Поднял окно. Стал смотреть прямо в солнце, и странно, что не болели глаза. Потом солнце закрыло облачко. Я загадал, если скроется облачко через минуту — буду счастливым. Облачко скрылось так скоро, даже раньше минуты — и я засмеялся. Рядом с поездом бежали мальчишки. Один был самый проворный. Он не отставал от моего вагона, язык высунул, и я увидел его глаза, и в тот же миг в голове тоже что-то мелькнуло, какая-то тень, какой-то шорох, даже и не тень, а какой-то свет, быстрый, удивительный свет, и он уже не отпускал. Вот уж мальчишки нет, и Москвы нет, и дороги нет, а я где-то далеко отсюда сижу в теплой парной воде и меня всего намыливают и хохочут сверху, а потом садят на лошадь, и лошадь тоже пахнет водой, чем-то сырым, тепловатым, а может, то не лошадь пахла, а я сам, мое тело, мои волосы, а сзади меня поддерживают руки — чьи это руки, наверно, отца, и от рук тоже пахнет, так удивительно сильно пахнет, а потом меня ссаживают с лошади, и опять берут чьи-то руки, углаживают — «ух ты, моя матушка», — да это же Нюрин голос! И я ловлю его, слушаю, пока не настигли колеса...

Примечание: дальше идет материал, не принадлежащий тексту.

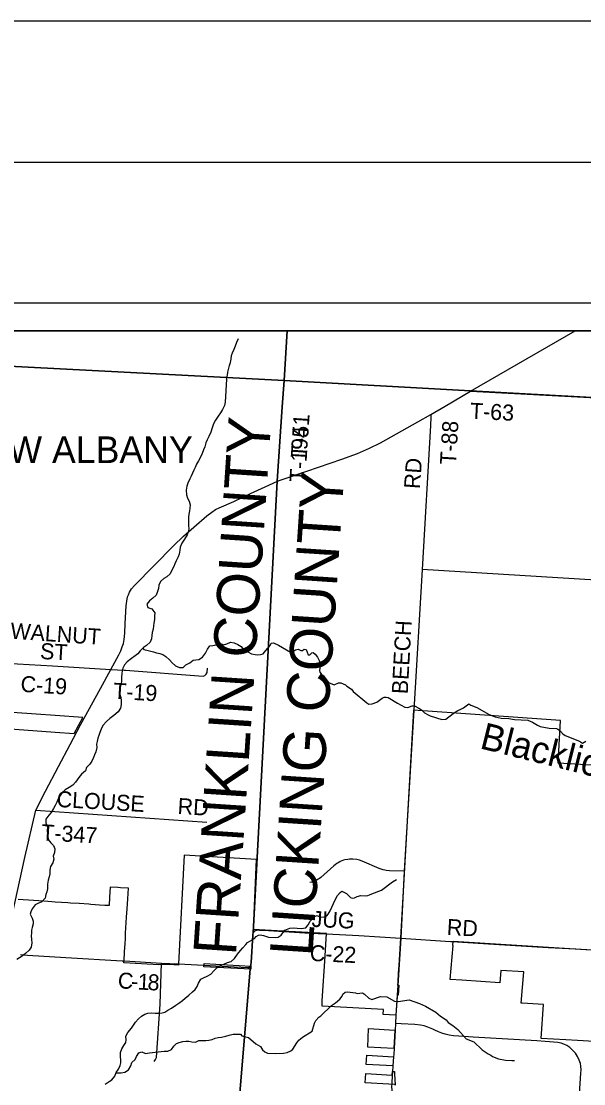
# Model space of a CAD drawing. Extents: x 0 to 91.3, y -0.7 to 22.
# Drawn here: x 4.012 to 6.008, y 18.226 to 22 of the extents above; entities that cross this region are included whole.
import ezdxf

# ---------------------------------------------------------------- set-up
doc = ezdxf.new("R2010")
doc.units = 0
for name, color, linetype in [('GM_X_City_Street', 7, 'Continuous'), ('GM_X_Corporation', 7, 'Continuous'), ('GM_X_Corporation_Text', 7, 'Continuous'), ('GM_X_County_Road', 7, 'Continuous'), ('GM_X_County_Road_Text', 7, 'Continuous'), ('GM_X_County_Text', 7, 'Continuous'), ('GM_X_Minor_River', 7, 'Continuous'), ('GM_X_Minor_River_Text', 7, 'Continuous'), ('GM_X_Township_Road', 7, 'Continuous'), ('GM_X_Township_Road_Text', 7, 'Continuous'), ('GM_X_US_Route', 7, 'Continuous'), ('SH_Border', 7, 'Continuous'), ('SH_Cut_Line', 7, 'Continuous'), ('SH_Data', 7, 'Continuous')]:
    doc.layers.add(name, color=color, linetype=linetype)

msp = doc.modelspace()

# ---------------------------------------------------------------- linework, layer by layer
at = {"layer": 'GM_X_City_Street'}
for points in [[(4.4838, 18.305), (4.4887, 18.3117), (4.492, 18.3195), (4.5045, 18.5078), (4.5099, 18.6546)], [(5.992, 18.1725), (5.9979, 18.2633), (5.9982, 18.2753), (5.9973, 18.2876), (5.9959, 18.2976), (5.992, 18.3093), (5.9862, 18.3221), (5.9787, 18.3341), (5.9686, 18.3455), (5.958, 18.3545), (5.9477, 18.3612), (5.9374, 18.3667), (5.9274, 18.3695), (5.9157, 18.372), (5.8708, 18.3756), (5.8418, 18.3776), (5.6158, 18.3912), (5.5645, 18.3943), (5.5453, 18.3957), (5.5303, 18.3985), (5.5161, 18.4021), (5.5038, 18.4052), (5.4921, 18.4102), (5.4798, 18.4163), (5.4723, 18.42), (5.4548, 18.4269), (5.4417, 18.4311), (5.4283, 18.4339), (5.4082, 18.4361), (5.3603, 18.4389), (5.3397, 18.44)]]:
    msp.add_lwpolyline(points, dxfattribs=at)
at = {"layer": 'GM_X_Corporation'}
for points in [[(4.9555, 20.9), (2.1, 20.9), (2.1, 20.8844), (2.3878, 20.8673), (3.0994, 20.8263), (3.2209, 20.8181), (3.3908, 20.8093), (3.4006, 20.8086), (3.9216, 20.777), (4.9448, 20.7239)], [(4.9555, 20.9), (2.1, 20.9), (2.1, 20.8844), (2.3878, 20.8673), (3.0994, 20.8263), (3.2209, 20.8181), (3.3908, 20.8093), (3.4006, 20.8086), (3.9216, 20.777), (4.9448, 20.7239)], [(8.9, 20.4953), (8.9, 20.9), (4.9555, 20.9), (4.9448, 20.7239), (5.6061, 20.6867), (6.253, 20.6521), (6.6637, 20.6293), (7.0477, 20.6033), (7.5521, 20.5793), (8.3956, 20.5276), (8.8785, 20.4965)], [(4.6607, 18.6526), (4.8269, 18.6431), (4.8262, 18.6322), (4.6603, 18.6415), (4.6603, 18.6415)], [(5.2447, 18.4218), (5.338, 18.4165), (5.334, 18.3504), (5.2412, 18.3558)], [(5.2384, 18.3274), (5.3323, 18.3216), (5.3303, 18.289), (5.2363, 18.2945)], [(5.3367, 18.261), (5.3388, 18.2209), (5.3387, 18.2227), (5.316, 18.2244), (5.2323, 18.2289), (5.2343, 18.2618), (5.3284, 18.2562), (5.3292, 18.2694), (5.3367, 18.2689)]]:
    msp.add_lwpolyline(points, close=True, dxfattribs=at)
for points in [[(4.7833, 18.1361), (4.8242, 18.6326), (4.8251, 18.6439), (4.8263, 18.646), (4.8271, 18.6491), (4.8277, 18.656), (4.8336, 18.7529), (4.834, 18.7568), (4.8352, 18.7619), (4.9205, 20.3667), (4.9376, 20.6305), (4.9448, 20.7239), (3.9216, 20.777), (3.4006, 20.8086), (3.3908, 20.8093), (3.2209, 20.8181), (3.0994, 20.8263), (2.3878, 20.8673), (2.1, 20.8844), (2.1, 14.1)], [(4.7833, 18.1361), (4.8242, 18.6326), (4.8251, 18.6439), (4.8263, 18.646), (4.8271, 18.6491), (4.8277, 18.656), (4.8336, 18.7529), (4.834, 18.7568), (4.8352, 18.7619), (4.9205, 20.3667), (4.9376, 20.6305), (4.9448, 20.7239), (3.9216, 20.777), (3.4006, 20.8086), (3.3908, 20.8093), (3.2209, 20.8181), (3.0994, 20.8263), (2.3878, 20.8673), (2.1, 20.8844), (2.1, 15.7138)], [(8.9, 14.1), (8.9, 20.9), (4.9555, 20.9), (4.9448, 20.7239), (4.9376, 20.6305), (4.9205, 20.3667), (4.8352, 18.7619), (4.834, 18.7568), (4.8336, 18.7529), (4.8277, 18.656), (4.8271, 18.6491), (4.8263, 18.646), (4.8251, 18.6439), (4.8242, 18.6326), (4.7833, 18.1361)], [(8.9, 15.2596), (8.9, 20.4953), (8.8785, 20.4965), (8.3956, 20.5276), (7.5521, 20.5793), (7.0477, 20.6033), (6.6637, 20.6293), (6.253, 20.6521), (5.6061, 20.6867), (4.9448, 20.7239), (4.9376, 20.6305), (4.9205, 20.3667), (4.8352, 18.7619), (4.834, 18.7568), (4.8336, 18.7529), (4.8277, 18.656), (4.8271, 18.6491), (4.8263, 18.646), (4.8251, 18.6439), (4.8242, 18.6326), (4.7833, 18.1361)], [(6.4311, 19.3332), (5.9167, 19.3643), (5.9255, 19.5165), (5.4044, 19.5531), (5.3577, 18.744), (5.353, 18.6658), (5.3518, 18.6467), (5.35, 18.6169), (5.3483, 18.5875), (5.3469, 18.5764), (5.352, 18.5761), (5.3498, 18.5405), (5.3457, 18.5407), (5.3444, 18.5224), (5.3433, 18.5047), (5.3422, 18.4869), (5.3412, 18.4694), (5.2963, 18.4714), (5.2971, 18.4894), (5.0792, 18.5014), (5.0803, 18.5206), (5.0814, 18.5382), (5.0893, 18.6616), (5.0956, 18.7589), (5.0723, 18.7602), (4.9856, 18.765), (4.9761, 18.7655), (4.9479, 18.7671), (4.9196, 18.7687), (4.8772, 18.7711), (4.8358, 18.7734), (4.8359, 18.7742), (4.8465, 19.0226), (4.5906, 19.0377), (4.5703, 18.6519), (4.5699, 18.6465), (4.5532, 18.6475), (4.5203, 18.6493), (4.5004, 18.6481), (4.376, 18.6553), (4.3768, 18.6665), (4.377, 18.6705), (4.3779, 18.6856), (4.3785, 18.695), (4.3802, 18.7228), (4.3813, 18.7417), (4.3824, 18.7606), (4.3836, 18.7795), (4.3847, 18.7984), (4.3858, 18.8174), (4.3876, 18.8465), (4.3897, 18.8824), (4.3908, 18.9013), (4.392, 18.9204), (4.3636, 18.9219), (4.3541, 18.9224), (4.3275, 18.9238), (4.3264, 18.906), (4.3253, 18.8881), (4.3236, 18.8584), (4.3086, 18.8593), (4.2897, 18.8606), (4.2589, 18.8627), (4.2519, 18.8631), (4.2174, 18.8654), (4.1862, 18.8675), (4.1767, 18.8681), (4.1325, 18.8711), (4.121, 18.8718), (4.0917, 18.8738), (4.0013, 18.8798)], [(3.8922, 19.4929), (4.1325, 19.475), (4.1996, 19.4699), (4.215, 19.4983), (4.2305, 19.5269), (4.1325, 19.5337), (4.0647, 19.5386), (3.9805, 19.5443)], [(6.045, 18.3762), (5.986, 18.3796), (5.9443, 18.382), (5.8573, 18.3869), (5.8648, 18.5077), (5.7899, 18.5122), (5.7859, 18.5125), (5.7955, 18.6235), (5.7138, 18.6282), (5.7104, 18.5841), (5.5748, 18.5934), (5.5342, 18.5965), (5.5448, 18.7169), (5.5439, 18.7169), (5.5451, 18.7322), (6.3918, 18.6787)]]:
    msp.add_lwpolyline(points, dxfattribs=at)
at = {"layer": 'GM_X_County_Road'}
for p, q in [((4.945, 20.7234), (4.9557, 20.9)), ((5.3586, 18.7432), (5.5353, 18.731)), ((4.5698, 18.6514), (4.6596, 18.6465))]:
    msp.add_line(p, q, dxfattribs=at)
for points in [[(3.8207, 19.7276), (3.8606, 19.7255), (3.9577, 19.7193), (4.1234, 19.7106), (4.3298, 19.697)], [(4.8253, 18.6433), (4.8265, 18.6455), (4.8273, 18.6485), (4.828, 18.6555), (4.8338, 18.7524), (4.8342, 18.7562), (4.8354, 18.7613)], [(4.8354, 18.7613), (4.8382, 18.7657), (4.8413, 18.7685), (4.8445, 18.7703), (4.8475, 18.7714), (4.851, 18.7719), (4.8569, 18.7718), (4.8896, 18.7699), (5.0362, 18.761), (5.0949, 18.758)], [(5.0949, 18.758), (5.2094, 18.7522), (5.3586, 18.7432)], [(5.5353, 18.731), (5.5363, 18.731), (5.5413, 18.7306), (5.6887, 18.7219), (5.882, 18.71), (5.98, 18.7044), (6.1355, 18.6949), (6.3006, 18.6844), (6.3651, 18.68), (6.3921, 18.6782)], [(4.0096, 18.6845), (4.0345, 18.6828), (4.1701, 18.6744), (4.3697, 18.6624)], [(4.3697, 18.6624), (4.3787, 18.6619), (4.5099, 18.6546), (4.5698, 18.6514)], [(4.6596, 18.6465), (4.7674, 18.6407), (4.8159, 18.6386), (4.8192, 18.6389), (4.8222, 18.6406), (4.8241, 18.6422), (4.8253, 18.6433)]]:
    msp.add_lwpolyline(points, dxfattribs=at)
at = {"layer": 'GM_X_Minor_River'}
for points in [[(4.7407, 20.7285), (4.744, 20.7428), (4.7455, 20.7535), (4.7488, 20.7675), (4.7514, 20.777), (4.754, 20.7873), (4.7566, 20.7998), (4.7585, 20.8124), (4.7611, 20.8223), (4.7678, 20.8356), (4.7727, 20.847), (4.7768, 20.8603), (4.7828, 20.8732)], [(4.7407, 20.7285), (4.736, 20.6464), (4.7336, 20.6351), (4.726, 20.6211), (4.7194, 20.6093), (4.7103, 20.5973), (4.7011, 20.5829), (4.6945, 20.5696), (4.6895, 20.5552), (4.6841, 20.5401), (4.6779, 20.5253), (4.6722, 20.5125), (4.6675, 20.5019), (4.6629, 20.4882), (4.6583, 20.4776), (4.654, 20.4648), (4.6471, 20.4496), (4.641, 20.439), (4.634, 20.4262), (4.629, 20.4152), (4.6248, 20.4054), (4.6198, 20.3948), (4.6148, 20.3845), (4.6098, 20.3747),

Вместо дачек начались шумные пригороды. Где-то рядом был аэродром, взлетали и садились самолеты, и рокот их пересиливал гул от поезда и заходил в купе. Но самолеты быстро забылись, начались большие каменные дома. Между двумя особенно большими домами увидел футбольное поле. По полю бегали парни в красных майках, а по бокам стояли солдаты, они смеялись, махали руками. Может, среди них есть парни из моей деревни: в Москве многие служат. Знали бы они, что я качу рядом... Промелькнули солдаты, началась длинная каменная ограда, внутри ее — каменные здания, и ни одного человека. Сразу за оградой началась поляна, а посредине поляны — церковь. У нее голубой купол, и на верхушке блестит золотой крестик, а над ним неподвижно повисли птицы. Церковь совсем новая, и это странно, а может, потому кажется новой, что сверху голубой купол. Но от церкви грустно, очень грустно. Мелькают в глазах Колькины мешочки, они стучат по Нюриным лопаткам. На одном мешочке написаны две буквы, две родные, милые буквы. И вдруг зашло в голову такое простое: а ведь Колька умер из-за меня... Если бы не упал тогда в снег, значит, он бы жил сейчас... Значит, я виноват! Виноват, что был слаб и что в снег упал. Значит, и в Нюре я виноват, один только я, я! И в материном сердце я виноват: работала в войну в трех местах, чтоб накормить меня, и надорвала его. Ради меня и теперь на работе, чтоб была зарплата, чтобы пересылать мне деньги в Москву. Но неужели?.. Неужели!! Ну признайся же, что слаб, слабенький, молочко в коленках, — и я засмеялся. Ведь это правда. Так вот в чем правда — в моей слабости, и я не хочу ее сбросить, я защищаю ее, под ней прячусь. А что делать?.. «Держись хороших людей». Но как найти их, как распознать в густой путанице толпы, как заслужить их? Но я должен, должен найти их! Я должен стать сильным! «Расти, Васяня, большой пребольшой...» — Нюра? Где ты, где ты едешь? Прости, не забывай меня...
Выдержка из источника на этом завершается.